§ **ABOUT THIS EXERCISE**: Find the word "pattern" in the data. Return every line where it appears.

Stored data:
___

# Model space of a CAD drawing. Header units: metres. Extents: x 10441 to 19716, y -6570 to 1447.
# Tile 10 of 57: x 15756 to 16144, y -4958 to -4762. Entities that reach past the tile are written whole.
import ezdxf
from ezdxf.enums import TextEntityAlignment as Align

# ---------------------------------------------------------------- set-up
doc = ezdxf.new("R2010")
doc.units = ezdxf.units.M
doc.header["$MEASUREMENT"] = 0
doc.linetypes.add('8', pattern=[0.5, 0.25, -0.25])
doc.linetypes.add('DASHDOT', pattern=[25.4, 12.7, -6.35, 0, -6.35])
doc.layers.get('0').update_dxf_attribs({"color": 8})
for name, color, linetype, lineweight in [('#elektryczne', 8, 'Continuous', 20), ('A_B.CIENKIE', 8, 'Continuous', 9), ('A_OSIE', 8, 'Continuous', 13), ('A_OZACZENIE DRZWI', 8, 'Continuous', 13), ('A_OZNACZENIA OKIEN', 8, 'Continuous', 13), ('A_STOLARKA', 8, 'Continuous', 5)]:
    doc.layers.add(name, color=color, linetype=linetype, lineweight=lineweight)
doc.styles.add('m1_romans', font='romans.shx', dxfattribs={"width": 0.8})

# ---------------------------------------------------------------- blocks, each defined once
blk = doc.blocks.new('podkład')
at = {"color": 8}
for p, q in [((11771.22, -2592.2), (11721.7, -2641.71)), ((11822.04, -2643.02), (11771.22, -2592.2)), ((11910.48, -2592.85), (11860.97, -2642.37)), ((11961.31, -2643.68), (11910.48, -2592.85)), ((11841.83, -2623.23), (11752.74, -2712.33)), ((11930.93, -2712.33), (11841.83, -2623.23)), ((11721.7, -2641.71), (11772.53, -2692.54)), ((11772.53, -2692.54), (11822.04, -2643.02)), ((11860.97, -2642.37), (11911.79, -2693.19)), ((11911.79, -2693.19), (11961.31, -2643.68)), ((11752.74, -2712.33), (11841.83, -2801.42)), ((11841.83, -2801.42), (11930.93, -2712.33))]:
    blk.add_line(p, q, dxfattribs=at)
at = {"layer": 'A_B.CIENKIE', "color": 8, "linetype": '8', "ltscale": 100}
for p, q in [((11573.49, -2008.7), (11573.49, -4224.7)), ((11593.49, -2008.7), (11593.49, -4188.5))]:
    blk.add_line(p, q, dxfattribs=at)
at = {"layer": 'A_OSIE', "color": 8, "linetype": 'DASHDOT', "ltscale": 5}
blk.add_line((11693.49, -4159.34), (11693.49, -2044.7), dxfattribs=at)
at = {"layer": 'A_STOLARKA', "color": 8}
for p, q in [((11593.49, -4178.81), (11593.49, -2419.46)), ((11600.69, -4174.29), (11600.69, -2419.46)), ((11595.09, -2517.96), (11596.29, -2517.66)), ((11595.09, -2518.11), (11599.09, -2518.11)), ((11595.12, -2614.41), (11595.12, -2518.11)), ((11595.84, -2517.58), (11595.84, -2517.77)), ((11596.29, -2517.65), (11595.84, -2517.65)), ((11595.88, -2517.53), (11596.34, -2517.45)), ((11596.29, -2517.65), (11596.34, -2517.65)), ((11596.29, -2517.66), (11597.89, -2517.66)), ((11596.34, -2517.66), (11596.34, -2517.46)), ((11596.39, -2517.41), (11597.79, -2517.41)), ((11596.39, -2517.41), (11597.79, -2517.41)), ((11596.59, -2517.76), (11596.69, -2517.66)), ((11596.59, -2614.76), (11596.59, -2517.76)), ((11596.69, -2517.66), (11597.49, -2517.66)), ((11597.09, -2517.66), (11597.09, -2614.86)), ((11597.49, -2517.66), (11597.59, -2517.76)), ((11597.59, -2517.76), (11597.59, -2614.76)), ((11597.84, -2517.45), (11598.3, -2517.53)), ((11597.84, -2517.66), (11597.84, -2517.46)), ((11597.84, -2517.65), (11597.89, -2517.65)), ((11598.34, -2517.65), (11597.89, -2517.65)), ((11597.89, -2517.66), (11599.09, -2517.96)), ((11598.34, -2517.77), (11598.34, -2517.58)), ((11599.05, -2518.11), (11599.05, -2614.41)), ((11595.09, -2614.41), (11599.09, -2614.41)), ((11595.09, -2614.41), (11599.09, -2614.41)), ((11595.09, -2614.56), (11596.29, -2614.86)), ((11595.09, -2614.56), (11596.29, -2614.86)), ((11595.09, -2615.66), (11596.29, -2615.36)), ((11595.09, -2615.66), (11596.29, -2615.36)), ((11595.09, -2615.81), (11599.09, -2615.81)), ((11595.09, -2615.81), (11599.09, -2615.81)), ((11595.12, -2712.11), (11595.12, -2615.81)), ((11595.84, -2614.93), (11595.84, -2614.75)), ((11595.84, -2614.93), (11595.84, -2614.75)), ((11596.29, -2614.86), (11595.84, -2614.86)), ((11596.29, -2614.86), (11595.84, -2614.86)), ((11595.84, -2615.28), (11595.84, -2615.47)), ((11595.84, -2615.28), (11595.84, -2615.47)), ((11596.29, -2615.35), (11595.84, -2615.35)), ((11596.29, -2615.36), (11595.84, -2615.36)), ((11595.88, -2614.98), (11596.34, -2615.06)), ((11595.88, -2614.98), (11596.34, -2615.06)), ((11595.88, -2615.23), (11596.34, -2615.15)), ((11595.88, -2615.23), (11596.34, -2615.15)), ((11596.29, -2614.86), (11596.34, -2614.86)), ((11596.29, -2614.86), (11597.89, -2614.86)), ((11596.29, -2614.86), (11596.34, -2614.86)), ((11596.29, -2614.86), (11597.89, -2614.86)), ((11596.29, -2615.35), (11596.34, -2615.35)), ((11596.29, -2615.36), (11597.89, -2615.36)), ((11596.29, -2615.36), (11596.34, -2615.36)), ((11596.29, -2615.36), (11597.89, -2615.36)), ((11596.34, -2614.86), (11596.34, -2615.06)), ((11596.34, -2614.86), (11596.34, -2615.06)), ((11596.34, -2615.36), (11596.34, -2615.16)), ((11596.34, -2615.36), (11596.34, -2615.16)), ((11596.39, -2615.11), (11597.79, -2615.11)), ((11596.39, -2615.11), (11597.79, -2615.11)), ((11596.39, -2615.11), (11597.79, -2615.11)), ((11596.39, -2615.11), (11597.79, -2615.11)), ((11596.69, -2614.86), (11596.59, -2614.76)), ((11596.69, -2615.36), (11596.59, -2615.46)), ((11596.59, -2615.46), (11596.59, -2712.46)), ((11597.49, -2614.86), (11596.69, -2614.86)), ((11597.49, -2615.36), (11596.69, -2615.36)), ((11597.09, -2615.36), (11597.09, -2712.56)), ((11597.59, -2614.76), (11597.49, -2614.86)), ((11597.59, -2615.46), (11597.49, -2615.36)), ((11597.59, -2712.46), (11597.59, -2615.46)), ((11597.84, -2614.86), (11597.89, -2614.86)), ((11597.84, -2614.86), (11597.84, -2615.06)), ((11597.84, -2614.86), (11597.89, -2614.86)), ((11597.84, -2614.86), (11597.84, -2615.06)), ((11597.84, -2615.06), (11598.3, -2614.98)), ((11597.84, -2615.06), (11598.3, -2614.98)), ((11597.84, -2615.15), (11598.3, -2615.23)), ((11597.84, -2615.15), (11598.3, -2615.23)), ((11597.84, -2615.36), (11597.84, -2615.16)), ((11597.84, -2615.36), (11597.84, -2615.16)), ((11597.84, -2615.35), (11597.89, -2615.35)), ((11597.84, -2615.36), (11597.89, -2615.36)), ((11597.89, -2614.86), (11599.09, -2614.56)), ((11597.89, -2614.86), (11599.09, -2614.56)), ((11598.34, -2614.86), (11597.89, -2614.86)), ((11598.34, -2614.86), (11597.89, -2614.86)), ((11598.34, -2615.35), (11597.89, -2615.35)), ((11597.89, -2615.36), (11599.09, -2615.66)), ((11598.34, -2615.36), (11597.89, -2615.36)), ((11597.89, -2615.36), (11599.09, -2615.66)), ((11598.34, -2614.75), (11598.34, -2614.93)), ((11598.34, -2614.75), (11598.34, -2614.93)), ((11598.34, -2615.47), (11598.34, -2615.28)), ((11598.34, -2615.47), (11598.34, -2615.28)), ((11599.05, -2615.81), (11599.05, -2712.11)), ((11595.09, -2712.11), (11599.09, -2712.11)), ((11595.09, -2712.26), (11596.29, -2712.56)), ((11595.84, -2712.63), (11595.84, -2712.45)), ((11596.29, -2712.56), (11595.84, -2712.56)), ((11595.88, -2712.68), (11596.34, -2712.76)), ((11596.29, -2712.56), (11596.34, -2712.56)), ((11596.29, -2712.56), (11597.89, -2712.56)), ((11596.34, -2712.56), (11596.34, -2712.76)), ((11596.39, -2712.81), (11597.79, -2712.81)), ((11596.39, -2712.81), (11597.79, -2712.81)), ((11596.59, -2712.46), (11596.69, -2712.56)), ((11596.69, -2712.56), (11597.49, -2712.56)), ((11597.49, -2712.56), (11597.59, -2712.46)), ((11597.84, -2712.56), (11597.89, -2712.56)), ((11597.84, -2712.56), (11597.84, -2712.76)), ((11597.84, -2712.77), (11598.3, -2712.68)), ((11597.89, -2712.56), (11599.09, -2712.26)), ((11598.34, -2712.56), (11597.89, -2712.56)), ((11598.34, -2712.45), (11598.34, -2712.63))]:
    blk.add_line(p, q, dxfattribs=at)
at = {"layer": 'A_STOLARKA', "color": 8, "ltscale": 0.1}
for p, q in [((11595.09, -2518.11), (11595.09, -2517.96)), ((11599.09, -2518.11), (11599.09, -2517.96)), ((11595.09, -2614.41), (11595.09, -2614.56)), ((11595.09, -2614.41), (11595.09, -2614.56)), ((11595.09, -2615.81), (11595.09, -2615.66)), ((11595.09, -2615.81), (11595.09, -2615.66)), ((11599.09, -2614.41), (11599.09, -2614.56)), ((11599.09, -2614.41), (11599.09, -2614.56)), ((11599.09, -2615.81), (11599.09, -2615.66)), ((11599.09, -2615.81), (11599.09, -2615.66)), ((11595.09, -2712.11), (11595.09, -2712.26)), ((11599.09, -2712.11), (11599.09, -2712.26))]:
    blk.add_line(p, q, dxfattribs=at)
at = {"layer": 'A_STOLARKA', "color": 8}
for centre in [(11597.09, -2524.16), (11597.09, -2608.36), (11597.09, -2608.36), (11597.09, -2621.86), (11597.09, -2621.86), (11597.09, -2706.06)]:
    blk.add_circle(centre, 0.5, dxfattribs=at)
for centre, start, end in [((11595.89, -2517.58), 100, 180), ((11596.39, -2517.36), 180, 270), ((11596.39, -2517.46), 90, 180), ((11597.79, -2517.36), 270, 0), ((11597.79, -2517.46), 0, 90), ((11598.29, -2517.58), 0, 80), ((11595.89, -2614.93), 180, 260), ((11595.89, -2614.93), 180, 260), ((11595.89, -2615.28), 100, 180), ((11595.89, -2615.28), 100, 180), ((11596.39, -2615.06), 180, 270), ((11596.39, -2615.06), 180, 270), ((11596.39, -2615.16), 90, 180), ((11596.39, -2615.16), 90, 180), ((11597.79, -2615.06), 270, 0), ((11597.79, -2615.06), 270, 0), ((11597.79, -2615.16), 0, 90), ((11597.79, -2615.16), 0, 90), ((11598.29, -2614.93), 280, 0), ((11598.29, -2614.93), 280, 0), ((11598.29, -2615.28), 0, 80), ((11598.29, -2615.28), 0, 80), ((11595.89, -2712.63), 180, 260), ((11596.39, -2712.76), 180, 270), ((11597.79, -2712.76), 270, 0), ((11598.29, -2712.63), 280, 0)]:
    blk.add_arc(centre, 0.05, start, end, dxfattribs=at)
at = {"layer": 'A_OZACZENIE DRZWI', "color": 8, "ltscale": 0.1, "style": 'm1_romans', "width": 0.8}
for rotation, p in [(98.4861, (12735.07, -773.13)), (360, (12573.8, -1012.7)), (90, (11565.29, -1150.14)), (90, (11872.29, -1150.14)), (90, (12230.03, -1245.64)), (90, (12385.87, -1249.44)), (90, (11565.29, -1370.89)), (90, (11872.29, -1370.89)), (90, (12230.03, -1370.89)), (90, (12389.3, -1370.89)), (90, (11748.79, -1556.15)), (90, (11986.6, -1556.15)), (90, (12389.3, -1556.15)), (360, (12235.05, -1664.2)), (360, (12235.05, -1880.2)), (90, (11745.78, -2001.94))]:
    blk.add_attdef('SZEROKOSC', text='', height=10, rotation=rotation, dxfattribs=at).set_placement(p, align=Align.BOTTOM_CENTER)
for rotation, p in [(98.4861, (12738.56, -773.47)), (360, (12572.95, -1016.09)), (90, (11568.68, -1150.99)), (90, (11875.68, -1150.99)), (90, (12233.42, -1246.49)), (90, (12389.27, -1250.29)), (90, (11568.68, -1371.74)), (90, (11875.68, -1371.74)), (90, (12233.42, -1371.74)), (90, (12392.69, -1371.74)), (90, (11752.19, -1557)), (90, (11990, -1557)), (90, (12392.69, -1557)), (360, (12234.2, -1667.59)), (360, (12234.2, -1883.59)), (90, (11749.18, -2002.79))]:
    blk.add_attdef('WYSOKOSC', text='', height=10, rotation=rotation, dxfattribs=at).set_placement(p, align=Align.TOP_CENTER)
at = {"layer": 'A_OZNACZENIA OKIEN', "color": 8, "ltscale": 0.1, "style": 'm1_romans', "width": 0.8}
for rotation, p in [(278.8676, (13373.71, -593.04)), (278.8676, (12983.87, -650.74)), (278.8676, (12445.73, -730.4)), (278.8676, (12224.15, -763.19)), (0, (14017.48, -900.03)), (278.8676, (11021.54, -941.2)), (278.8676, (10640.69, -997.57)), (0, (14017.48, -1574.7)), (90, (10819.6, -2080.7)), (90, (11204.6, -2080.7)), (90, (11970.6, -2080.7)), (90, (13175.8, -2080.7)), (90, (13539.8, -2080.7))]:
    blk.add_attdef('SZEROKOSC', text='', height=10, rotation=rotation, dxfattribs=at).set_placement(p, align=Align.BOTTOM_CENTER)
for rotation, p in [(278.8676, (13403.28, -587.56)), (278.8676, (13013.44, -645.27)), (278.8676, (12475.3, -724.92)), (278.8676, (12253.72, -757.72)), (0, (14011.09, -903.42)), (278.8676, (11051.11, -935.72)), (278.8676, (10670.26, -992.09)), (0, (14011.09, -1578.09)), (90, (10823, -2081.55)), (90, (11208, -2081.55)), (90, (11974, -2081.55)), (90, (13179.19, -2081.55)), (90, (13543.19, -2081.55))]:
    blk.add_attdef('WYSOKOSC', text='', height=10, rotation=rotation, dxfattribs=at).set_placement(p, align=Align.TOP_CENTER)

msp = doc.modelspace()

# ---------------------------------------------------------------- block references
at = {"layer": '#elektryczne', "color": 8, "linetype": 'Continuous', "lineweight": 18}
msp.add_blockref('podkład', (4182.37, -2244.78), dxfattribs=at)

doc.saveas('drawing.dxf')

___

§ **TASK RESPONSE**:
doc.linetypes.add('8', pattern=[0.5, 0.25, -0.25])
doc.linetypes.add('DASHDOT', pattern=[25.4, 12.7, -6.35, 0, -6.35])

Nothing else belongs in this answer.